[Problem details]: In how many lines of the listing does the string "ByBlock" appear? Give only the number.
* * * * * * * * *
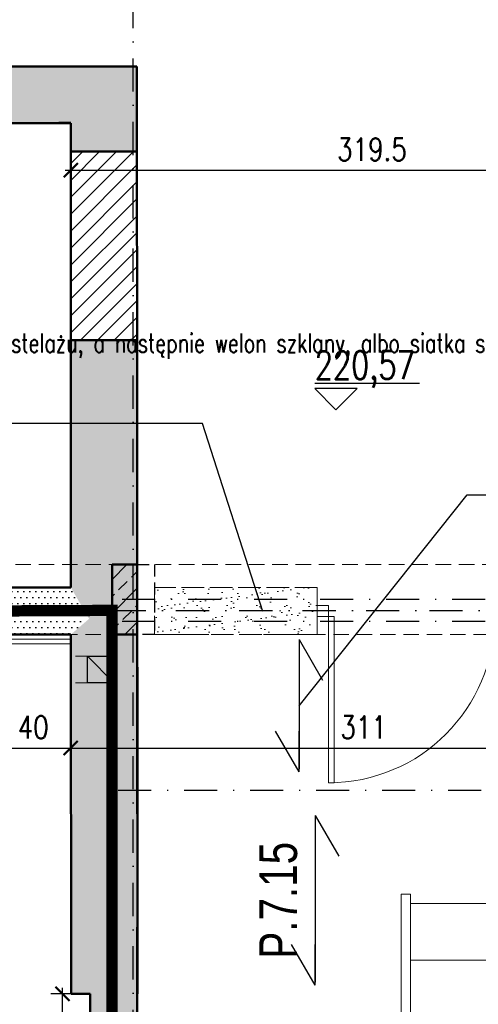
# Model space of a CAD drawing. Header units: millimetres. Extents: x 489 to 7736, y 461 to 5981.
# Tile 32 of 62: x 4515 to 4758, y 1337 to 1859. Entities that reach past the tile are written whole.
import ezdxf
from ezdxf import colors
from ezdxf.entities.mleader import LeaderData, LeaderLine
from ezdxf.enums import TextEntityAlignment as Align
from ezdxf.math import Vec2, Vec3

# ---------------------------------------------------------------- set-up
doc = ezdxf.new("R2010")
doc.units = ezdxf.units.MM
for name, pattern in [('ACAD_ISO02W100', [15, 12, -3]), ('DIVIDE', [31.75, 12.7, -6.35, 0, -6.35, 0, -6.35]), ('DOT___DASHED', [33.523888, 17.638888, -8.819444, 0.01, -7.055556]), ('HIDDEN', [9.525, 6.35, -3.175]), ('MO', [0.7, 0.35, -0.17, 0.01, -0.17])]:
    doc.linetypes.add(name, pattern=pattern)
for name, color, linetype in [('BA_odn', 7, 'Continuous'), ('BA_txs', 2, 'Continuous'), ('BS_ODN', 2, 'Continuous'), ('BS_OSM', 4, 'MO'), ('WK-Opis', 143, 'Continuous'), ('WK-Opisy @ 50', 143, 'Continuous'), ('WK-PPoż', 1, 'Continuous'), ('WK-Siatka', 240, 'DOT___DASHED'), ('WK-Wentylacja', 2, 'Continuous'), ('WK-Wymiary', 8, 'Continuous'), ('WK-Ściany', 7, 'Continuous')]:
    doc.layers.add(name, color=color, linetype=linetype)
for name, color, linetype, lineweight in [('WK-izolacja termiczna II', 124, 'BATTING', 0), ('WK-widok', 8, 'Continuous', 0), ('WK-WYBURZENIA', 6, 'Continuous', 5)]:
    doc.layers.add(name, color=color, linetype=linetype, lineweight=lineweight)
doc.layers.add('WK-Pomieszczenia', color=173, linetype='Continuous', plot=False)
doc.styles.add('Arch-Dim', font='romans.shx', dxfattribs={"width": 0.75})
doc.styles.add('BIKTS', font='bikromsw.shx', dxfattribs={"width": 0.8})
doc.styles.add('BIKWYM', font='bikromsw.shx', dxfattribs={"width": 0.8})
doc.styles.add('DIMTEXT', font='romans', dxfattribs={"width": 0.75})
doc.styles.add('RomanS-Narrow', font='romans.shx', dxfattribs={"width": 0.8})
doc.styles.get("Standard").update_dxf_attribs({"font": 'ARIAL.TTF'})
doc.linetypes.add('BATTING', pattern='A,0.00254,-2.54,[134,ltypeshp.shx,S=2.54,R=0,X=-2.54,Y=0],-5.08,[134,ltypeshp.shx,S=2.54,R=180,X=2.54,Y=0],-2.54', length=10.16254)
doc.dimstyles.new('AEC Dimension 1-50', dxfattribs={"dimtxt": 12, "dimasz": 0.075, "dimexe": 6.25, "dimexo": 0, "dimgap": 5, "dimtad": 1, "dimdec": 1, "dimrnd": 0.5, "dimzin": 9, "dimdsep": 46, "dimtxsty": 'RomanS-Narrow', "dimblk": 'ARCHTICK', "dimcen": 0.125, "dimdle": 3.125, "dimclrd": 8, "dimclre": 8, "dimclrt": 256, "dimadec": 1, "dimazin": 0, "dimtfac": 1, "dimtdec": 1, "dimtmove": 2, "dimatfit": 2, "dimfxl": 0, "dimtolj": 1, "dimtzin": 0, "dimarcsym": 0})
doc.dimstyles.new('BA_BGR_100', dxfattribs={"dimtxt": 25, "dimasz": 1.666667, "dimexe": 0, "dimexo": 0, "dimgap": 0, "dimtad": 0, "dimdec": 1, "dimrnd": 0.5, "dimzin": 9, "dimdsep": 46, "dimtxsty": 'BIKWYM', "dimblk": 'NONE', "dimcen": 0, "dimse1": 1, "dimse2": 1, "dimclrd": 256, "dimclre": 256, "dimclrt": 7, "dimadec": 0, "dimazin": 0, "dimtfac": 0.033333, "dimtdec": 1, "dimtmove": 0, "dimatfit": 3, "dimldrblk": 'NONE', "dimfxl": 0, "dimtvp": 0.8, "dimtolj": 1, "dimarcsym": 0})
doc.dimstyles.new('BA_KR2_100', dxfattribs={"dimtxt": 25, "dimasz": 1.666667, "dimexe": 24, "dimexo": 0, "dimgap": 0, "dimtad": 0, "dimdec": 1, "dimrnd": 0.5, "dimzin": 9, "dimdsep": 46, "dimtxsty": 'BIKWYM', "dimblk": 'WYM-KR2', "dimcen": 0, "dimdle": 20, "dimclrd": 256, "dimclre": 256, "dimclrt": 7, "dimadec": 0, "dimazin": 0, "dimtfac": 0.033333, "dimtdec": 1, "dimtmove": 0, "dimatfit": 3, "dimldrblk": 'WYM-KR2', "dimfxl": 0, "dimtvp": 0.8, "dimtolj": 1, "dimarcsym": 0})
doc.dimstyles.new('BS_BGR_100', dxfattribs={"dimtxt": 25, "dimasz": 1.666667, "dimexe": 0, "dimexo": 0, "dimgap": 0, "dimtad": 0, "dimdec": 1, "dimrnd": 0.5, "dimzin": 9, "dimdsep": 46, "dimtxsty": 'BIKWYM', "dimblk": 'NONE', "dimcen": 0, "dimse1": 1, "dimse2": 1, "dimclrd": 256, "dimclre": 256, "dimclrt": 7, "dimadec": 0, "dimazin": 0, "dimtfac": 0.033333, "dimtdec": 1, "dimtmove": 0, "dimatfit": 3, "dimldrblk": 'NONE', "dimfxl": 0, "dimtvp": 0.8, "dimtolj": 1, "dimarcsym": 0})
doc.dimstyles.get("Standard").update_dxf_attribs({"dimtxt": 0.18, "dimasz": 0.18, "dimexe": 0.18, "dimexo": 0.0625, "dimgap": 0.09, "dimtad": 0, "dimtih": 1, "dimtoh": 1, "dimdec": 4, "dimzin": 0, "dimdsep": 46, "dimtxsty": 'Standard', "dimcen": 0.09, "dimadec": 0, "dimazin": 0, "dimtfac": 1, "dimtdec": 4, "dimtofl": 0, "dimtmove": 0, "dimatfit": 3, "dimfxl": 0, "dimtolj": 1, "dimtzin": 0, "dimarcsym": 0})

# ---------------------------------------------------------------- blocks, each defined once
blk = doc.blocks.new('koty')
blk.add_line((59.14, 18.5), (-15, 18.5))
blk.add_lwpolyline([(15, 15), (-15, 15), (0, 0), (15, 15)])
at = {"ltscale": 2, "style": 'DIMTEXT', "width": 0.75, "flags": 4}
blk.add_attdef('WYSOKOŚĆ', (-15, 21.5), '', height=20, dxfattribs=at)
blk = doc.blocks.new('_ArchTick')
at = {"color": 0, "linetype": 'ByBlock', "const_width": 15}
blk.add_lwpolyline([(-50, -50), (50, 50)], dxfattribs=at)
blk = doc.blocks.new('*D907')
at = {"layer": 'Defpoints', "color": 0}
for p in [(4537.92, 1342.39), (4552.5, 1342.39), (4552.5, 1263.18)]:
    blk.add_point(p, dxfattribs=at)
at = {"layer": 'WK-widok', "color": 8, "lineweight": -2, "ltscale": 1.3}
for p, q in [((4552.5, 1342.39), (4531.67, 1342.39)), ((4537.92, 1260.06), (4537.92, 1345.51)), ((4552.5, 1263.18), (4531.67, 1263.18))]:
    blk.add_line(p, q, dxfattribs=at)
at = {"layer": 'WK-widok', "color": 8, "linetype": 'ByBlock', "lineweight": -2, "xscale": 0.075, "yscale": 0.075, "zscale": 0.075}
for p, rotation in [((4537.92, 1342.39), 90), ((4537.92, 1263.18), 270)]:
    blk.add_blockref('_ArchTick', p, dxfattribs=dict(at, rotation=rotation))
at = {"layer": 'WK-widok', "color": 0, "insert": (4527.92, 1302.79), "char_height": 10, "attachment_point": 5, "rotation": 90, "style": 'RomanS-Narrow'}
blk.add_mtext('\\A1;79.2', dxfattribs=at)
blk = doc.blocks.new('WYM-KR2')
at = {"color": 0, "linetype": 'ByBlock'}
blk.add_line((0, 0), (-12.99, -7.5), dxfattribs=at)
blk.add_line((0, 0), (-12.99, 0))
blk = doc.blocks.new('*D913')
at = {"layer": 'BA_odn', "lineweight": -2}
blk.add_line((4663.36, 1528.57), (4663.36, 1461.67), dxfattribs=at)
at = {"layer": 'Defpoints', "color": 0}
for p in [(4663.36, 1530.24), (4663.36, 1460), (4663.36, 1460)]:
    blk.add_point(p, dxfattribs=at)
* * * * * * * * *
[Your response]: 3